FSD v12.x (end to end AI)

JB47394 · Mar 17, 2024

Mardak said:
Similarly, even when navigation wanted to go straight, I was sometimes able to trick it to turn by engaging the turn signal.

I've wanted that as a feature for a while because I often use FSD as a simple lane-following system where I get to back seat drive with the turn signals. I tried it once today with no luck. I'll have to try it some more.

Mardak said:
I haven't tested enough of regular set speed, but it seems like 12.x tries to drive at the speed it wants to unless traditional control code prevents exceeding the set speed (or 50% above detected speed limit). AUTO max set speed effectively is the Autopilot 85mph limit, so the main benefit of numeric set speed seems to be to go slower, e.g., for school zones if end-to-end doesn't understand.

I've had good luck with auto speed off. The car tends to hit the number I give it, and it's much better at maintaining a uniform speed.

Separately, I noticed that when crossing into a reduced speed limit zone, the car no longer slows quickly like it does in the current V11. It's very casual about slowing down, and invites speeding tickets.

JB47394 · Mar 17, 2024

JHCCAZ said:
Other kinds of traffic rule signs, including NToR and school zone directives etc, were only sporadically (if at all) recognized in v11. Again, I don't think these capabilities would emerge easily in a training process that simply added some random set of parameters. In theory it could but at a very high cost in training data and time.)

Do you think that stop signs have a very high training cost?

AndrewZ · Mar 17, 2024

Iain said:
Funny how there are so many different opinions. I’ve had it one day. I did four drives and so far zero interventions. I basically never had a zero intervention drive prior to this unless it was extremely short. It’s not perfect by any means but it’s a big jump in the right direction. I’ve had fifty Uber rides that were worse. I see drivers everyday drive far worse than 12.3.

A SAE Level 4-5 system needs to be much, much better than all Uber drivers and much, much better than regular everyday drivers.

It’s promising to hear that v12.3 is excelling in smoothness and such, this is critical for wide release as a Level 2 driver assist.

JHCCAZ · Mar 17, 2024

RowdyMY said:
Auto max speed blows on state highways. Tries to match speed when clusters of speeders pass, otherwise hangs out at 2-3 above the limit.

Would you say that this behaves like the annoying class of drivers who are going slower, but then wake up and compete with you when you try to pass them? This would definitely be the wrong behavior.

There's a fine line between keeping up with traffic on the one hand, and reactively getting in the way on the other hand. Each driver can have their own slightly different speed preference and driving style. That's okay and others will adapt by passing or following as appropriate. But the ones who are too dense to get out of the way, or who speed up even a little when you try to pass, are the scourge of the road . I hope v12 isn't doing those things! And definitely if this is the case, it should get fixed before they deploy it on the freeways.
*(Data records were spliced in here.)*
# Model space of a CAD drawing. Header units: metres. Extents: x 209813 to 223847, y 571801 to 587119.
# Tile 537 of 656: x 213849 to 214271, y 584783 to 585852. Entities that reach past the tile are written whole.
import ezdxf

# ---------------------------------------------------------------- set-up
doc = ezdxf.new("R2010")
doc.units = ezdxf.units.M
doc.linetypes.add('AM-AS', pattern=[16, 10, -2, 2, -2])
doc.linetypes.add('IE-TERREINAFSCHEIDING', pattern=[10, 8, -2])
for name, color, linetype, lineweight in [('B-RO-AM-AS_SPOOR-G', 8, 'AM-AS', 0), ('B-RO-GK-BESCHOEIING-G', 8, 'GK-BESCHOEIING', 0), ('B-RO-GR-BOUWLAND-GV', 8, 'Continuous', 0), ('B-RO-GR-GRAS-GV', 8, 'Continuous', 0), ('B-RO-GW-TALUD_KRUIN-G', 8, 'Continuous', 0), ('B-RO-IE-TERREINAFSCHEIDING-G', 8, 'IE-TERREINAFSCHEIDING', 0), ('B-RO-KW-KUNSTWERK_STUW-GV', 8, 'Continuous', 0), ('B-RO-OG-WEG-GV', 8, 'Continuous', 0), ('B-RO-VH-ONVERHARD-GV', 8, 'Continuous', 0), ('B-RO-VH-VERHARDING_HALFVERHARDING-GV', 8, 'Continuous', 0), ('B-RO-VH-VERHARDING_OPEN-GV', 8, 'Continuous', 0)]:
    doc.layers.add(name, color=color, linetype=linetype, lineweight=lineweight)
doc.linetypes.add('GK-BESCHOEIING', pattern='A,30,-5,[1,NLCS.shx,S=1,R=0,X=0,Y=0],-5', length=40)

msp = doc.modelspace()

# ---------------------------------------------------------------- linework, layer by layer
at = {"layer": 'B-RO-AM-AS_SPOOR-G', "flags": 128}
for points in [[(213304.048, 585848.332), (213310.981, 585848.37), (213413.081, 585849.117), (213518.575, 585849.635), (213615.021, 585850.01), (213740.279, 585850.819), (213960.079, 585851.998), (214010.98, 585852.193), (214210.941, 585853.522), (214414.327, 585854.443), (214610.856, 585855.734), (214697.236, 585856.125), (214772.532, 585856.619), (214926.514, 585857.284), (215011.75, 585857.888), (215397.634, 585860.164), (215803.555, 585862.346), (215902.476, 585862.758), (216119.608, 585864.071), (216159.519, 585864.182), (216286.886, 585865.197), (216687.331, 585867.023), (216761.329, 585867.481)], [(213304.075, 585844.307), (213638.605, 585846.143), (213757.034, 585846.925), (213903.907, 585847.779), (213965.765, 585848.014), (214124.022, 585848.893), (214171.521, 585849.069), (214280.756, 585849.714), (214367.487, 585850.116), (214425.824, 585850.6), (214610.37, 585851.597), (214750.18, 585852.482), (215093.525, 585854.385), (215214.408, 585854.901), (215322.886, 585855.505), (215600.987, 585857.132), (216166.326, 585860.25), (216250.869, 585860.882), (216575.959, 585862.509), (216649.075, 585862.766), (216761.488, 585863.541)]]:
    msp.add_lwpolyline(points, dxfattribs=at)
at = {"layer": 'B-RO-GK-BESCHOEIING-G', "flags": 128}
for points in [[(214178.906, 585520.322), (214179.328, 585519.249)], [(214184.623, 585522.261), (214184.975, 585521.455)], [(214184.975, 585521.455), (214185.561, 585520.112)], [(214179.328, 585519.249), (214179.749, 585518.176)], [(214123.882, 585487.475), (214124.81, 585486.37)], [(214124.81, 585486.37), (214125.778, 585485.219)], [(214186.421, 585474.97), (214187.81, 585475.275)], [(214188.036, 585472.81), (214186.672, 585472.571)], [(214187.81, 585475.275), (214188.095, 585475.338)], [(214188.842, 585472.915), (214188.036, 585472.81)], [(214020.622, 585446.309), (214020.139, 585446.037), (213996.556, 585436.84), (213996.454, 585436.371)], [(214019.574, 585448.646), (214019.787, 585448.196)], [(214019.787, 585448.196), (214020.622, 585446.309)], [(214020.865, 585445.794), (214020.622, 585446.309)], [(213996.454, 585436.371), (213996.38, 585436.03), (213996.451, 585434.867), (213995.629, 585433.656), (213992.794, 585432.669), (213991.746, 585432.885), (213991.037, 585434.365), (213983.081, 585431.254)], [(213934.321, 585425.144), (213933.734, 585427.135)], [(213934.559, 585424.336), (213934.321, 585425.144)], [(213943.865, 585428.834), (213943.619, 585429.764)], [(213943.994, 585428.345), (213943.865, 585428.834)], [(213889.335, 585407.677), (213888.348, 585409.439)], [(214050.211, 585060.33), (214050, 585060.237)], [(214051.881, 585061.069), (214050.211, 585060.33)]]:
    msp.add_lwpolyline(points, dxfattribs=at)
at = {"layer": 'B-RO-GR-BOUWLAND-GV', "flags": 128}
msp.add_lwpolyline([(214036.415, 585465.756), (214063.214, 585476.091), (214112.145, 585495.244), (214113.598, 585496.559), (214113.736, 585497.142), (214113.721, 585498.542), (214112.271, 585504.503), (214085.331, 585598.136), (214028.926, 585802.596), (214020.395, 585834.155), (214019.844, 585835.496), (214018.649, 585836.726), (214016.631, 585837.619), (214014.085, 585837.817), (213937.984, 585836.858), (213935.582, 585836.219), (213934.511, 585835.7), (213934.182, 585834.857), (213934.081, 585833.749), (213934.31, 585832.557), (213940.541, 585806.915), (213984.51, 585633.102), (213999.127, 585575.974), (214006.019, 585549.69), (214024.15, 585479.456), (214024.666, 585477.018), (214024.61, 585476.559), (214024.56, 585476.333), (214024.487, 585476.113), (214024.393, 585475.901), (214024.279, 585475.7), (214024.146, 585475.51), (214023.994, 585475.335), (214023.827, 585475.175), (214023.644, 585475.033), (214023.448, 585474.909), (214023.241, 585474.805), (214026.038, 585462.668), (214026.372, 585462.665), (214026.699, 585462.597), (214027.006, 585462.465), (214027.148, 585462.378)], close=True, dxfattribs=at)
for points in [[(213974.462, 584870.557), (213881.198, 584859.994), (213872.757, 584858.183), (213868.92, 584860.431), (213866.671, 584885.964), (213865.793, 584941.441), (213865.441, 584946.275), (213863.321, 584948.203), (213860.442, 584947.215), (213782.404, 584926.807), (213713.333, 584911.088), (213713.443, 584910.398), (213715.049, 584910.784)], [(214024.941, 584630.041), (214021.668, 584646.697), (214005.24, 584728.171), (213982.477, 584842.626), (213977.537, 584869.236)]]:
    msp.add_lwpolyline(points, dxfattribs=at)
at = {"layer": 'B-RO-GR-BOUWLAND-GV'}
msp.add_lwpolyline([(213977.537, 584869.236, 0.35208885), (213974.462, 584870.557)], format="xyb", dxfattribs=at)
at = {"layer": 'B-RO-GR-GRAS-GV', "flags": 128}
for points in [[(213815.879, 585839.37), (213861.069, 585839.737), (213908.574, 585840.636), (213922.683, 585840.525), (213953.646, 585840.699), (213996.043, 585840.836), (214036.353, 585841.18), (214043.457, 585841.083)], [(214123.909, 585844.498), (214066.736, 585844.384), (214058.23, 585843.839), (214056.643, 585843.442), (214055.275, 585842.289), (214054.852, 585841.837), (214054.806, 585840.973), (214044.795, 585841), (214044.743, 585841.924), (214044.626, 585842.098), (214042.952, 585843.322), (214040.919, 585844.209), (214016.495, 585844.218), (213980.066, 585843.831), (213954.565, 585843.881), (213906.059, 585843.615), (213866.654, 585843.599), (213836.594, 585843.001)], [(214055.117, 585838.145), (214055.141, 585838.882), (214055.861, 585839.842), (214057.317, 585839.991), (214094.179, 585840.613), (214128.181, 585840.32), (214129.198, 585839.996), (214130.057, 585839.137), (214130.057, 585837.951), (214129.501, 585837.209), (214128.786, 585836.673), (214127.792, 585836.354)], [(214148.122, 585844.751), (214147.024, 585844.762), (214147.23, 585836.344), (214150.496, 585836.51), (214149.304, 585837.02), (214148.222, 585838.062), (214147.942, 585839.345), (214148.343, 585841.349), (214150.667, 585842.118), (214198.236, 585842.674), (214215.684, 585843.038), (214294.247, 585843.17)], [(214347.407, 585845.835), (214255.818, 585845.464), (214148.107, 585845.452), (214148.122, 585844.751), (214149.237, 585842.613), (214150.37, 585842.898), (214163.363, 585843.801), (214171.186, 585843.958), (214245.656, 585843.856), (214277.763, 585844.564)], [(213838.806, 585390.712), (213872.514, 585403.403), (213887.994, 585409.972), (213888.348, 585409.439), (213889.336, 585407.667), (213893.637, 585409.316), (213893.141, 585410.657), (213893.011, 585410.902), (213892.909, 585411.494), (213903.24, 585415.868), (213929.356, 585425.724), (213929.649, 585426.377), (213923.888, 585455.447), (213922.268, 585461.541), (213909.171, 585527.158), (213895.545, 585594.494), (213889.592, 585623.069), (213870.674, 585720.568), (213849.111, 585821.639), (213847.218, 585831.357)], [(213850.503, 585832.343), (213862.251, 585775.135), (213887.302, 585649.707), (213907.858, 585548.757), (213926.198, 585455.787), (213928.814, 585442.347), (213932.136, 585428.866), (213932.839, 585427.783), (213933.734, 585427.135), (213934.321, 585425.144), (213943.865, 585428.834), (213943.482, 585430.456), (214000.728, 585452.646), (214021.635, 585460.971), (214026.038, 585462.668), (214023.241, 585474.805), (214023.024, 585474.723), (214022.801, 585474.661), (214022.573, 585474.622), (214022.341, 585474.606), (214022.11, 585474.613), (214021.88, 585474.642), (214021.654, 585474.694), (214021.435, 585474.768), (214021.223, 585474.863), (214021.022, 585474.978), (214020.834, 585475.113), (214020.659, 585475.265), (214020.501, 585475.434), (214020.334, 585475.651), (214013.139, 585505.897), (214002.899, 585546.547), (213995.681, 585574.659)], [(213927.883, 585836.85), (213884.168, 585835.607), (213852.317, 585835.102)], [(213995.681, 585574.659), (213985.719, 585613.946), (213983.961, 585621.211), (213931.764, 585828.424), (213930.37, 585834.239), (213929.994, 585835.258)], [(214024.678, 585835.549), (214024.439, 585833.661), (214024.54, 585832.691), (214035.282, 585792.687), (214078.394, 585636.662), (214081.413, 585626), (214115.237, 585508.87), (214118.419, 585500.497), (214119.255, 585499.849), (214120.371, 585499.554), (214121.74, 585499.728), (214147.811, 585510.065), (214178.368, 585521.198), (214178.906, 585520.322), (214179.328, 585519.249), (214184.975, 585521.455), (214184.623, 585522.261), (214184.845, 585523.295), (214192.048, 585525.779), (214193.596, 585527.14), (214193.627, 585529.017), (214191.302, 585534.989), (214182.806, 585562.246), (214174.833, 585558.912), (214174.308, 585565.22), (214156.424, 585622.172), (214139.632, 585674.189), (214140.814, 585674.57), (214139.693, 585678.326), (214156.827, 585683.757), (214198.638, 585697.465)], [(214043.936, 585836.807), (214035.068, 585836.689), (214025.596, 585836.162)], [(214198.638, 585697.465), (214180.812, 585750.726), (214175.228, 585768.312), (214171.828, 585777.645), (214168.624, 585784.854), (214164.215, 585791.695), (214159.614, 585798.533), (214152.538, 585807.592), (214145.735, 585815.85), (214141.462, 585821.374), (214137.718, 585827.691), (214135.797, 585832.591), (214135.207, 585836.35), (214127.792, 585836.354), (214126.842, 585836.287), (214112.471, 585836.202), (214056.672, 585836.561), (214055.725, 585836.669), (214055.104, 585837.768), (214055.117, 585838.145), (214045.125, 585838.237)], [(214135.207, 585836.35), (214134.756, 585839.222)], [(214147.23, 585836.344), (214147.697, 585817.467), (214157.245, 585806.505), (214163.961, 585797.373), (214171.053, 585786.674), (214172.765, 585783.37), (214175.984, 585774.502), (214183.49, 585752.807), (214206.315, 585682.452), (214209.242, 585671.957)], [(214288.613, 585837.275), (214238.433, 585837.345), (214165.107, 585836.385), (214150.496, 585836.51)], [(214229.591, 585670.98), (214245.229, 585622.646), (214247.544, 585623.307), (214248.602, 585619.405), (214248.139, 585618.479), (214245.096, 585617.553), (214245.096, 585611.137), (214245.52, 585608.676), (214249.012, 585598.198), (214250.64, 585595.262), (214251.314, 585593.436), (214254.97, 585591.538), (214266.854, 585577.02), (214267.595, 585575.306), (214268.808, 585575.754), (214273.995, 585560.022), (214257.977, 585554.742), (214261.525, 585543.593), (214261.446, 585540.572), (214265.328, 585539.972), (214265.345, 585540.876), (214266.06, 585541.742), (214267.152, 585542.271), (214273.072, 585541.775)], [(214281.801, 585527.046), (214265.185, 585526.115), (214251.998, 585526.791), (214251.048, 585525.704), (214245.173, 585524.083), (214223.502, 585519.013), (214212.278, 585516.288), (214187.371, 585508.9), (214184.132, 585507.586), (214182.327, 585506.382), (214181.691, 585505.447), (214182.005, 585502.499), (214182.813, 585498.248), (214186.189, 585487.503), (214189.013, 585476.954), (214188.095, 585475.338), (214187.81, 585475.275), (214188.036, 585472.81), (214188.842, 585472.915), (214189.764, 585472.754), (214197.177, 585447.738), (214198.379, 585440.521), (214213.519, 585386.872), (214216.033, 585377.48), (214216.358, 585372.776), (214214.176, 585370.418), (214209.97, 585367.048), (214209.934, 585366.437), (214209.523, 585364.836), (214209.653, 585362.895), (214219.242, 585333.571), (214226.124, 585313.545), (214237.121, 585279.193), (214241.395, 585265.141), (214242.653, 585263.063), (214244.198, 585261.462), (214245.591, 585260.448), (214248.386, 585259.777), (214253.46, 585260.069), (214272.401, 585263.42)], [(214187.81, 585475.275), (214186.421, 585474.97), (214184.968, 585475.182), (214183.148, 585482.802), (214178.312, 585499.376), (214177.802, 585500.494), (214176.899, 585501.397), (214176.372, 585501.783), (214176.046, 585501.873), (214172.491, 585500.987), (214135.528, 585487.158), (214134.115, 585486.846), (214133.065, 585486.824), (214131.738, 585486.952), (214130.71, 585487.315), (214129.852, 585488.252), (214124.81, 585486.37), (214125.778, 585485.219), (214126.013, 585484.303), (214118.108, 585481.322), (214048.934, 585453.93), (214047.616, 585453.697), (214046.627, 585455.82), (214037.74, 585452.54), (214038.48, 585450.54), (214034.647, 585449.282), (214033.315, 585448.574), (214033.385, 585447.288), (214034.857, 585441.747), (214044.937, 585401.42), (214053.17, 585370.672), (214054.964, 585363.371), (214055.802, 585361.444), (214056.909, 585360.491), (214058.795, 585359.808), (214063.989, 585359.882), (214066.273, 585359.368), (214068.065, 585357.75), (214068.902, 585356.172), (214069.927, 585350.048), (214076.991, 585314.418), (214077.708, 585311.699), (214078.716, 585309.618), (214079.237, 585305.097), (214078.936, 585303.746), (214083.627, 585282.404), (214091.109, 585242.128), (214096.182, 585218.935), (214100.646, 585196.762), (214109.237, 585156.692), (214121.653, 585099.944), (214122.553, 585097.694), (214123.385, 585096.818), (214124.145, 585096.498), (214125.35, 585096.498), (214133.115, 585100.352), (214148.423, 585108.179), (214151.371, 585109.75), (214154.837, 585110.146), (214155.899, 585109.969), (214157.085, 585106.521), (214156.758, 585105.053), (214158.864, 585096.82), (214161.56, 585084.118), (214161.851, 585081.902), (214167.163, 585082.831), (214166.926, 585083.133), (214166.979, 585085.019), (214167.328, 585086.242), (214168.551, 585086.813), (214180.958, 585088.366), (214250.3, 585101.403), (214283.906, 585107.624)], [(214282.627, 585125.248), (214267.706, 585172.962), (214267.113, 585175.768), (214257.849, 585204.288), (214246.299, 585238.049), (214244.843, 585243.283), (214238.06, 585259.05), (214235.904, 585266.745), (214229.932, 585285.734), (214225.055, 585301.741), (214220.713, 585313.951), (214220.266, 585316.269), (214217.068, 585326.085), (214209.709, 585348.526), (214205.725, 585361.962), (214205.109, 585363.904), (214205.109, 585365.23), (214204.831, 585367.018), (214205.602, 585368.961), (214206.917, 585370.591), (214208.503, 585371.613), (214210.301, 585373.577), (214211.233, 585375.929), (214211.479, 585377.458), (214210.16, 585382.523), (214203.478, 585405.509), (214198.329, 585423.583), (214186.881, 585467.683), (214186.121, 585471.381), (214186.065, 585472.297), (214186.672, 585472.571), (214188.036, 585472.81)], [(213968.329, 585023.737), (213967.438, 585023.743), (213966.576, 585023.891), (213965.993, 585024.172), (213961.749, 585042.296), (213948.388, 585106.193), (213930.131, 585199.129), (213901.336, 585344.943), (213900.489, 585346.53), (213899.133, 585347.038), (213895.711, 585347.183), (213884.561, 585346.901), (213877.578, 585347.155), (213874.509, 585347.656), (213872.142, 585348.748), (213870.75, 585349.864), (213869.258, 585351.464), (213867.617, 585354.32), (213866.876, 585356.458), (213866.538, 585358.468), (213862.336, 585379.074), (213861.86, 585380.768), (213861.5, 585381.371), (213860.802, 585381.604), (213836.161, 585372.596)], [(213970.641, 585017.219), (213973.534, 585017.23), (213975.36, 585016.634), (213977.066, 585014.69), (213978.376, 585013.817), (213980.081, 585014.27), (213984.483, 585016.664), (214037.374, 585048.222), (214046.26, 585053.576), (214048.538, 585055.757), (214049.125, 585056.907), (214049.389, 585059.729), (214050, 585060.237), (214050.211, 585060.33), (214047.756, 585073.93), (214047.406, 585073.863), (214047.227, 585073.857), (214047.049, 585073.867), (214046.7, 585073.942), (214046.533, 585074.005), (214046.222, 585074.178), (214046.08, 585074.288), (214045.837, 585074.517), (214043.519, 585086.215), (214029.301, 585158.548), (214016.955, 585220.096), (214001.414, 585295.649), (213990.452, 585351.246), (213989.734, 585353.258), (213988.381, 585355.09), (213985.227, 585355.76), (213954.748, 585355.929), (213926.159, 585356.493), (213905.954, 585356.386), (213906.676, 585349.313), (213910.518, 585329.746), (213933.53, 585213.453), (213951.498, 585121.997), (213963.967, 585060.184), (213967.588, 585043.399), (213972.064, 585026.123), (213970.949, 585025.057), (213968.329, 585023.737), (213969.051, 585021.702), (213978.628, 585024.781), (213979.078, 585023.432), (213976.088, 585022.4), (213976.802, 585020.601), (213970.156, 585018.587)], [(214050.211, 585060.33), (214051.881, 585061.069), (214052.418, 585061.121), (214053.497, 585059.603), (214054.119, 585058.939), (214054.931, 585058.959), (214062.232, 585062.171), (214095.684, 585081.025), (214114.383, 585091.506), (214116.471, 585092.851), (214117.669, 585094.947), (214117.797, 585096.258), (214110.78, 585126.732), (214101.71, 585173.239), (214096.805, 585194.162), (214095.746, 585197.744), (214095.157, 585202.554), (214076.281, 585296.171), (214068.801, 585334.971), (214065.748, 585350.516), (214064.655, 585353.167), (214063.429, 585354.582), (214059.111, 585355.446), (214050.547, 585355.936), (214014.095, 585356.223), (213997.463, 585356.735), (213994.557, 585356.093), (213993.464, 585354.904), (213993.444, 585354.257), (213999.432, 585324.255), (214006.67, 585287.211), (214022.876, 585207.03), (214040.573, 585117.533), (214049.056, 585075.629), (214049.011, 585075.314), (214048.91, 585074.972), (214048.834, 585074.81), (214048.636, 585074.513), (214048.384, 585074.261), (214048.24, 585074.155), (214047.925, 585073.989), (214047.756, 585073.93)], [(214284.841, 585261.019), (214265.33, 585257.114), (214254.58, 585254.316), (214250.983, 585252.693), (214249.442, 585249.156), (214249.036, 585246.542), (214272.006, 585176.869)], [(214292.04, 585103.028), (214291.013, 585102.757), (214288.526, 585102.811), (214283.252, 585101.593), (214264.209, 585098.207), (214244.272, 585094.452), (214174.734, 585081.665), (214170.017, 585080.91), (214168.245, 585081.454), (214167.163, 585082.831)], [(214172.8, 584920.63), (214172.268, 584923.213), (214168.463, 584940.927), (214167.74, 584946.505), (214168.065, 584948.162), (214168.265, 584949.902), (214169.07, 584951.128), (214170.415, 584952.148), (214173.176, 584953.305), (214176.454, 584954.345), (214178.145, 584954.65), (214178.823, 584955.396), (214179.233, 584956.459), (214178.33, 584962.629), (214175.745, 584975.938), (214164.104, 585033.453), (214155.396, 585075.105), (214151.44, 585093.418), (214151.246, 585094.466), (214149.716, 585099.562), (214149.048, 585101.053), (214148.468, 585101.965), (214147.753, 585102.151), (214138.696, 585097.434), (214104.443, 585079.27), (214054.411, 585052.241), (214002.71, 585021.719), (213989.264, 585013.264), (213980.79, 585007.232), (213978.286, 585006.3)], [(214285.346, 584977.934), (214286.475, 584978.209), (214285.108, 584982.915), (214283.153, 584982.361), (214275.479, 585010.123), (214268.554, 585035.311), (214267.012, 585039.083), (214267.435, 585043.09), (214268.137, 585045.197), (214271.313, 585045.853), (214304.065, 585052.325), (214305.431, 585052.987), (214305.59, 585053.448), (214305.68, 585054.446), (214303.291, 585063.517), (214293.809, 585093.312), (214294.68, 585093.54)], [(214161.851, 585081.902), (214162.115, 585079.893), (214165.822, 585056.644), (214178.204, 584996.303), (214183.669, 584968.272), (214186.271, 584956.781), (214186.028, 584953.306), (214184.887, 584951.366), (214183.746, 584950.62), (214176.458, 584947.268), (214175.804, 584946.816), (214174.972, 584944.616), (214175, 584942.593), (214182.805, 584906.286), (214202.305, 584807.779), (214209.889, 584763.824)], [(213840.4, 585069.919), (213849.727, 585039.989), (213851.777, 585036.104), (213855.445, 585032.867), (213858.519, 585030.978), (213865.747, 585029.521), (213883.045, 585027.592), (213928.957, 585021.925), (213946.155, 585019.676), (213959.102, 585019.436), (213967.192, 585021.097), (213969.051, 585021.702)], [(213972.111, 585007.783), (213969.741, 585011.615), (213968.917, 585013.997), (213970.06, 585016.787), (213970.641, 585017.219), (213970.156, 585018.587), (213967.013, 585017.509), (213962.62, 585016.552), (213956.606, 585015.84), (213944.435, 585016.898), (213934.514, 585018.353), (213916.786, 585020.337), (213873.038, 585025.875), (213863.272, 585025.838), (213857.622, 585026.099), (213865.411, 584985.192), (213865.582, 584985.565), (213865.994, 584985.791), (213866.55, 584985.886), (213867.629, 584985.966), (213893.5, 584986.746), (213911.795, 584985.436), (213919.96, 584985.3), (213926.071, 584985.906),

(I turned off the Auto speed offset last night with no traffic around, so I didn't get to experience its interaction with afternoon traffic today.)

DanCar · Mar 17, 2024

Joe is not impressed with V12 driving on rural roads.

https://twitter.com/x/status/1769527966533382453

Bladerskb · Mar 17, 2024

Todd Burch said:
The best part of 12.3 going wide is that I don’t have to watch any more of Whole Mars’ boring videos .

Yeah he takes the same easy routes so he can get unlimited "zero intervention". When he's in Cali and SF and can actually test the software for real and take it to some places to challenge it. But nope.

If you actually want to watch challenging videos from Cali, you have to go to people like Ken who has to pay Waymo for ride yet picks destinations that would challenge the system.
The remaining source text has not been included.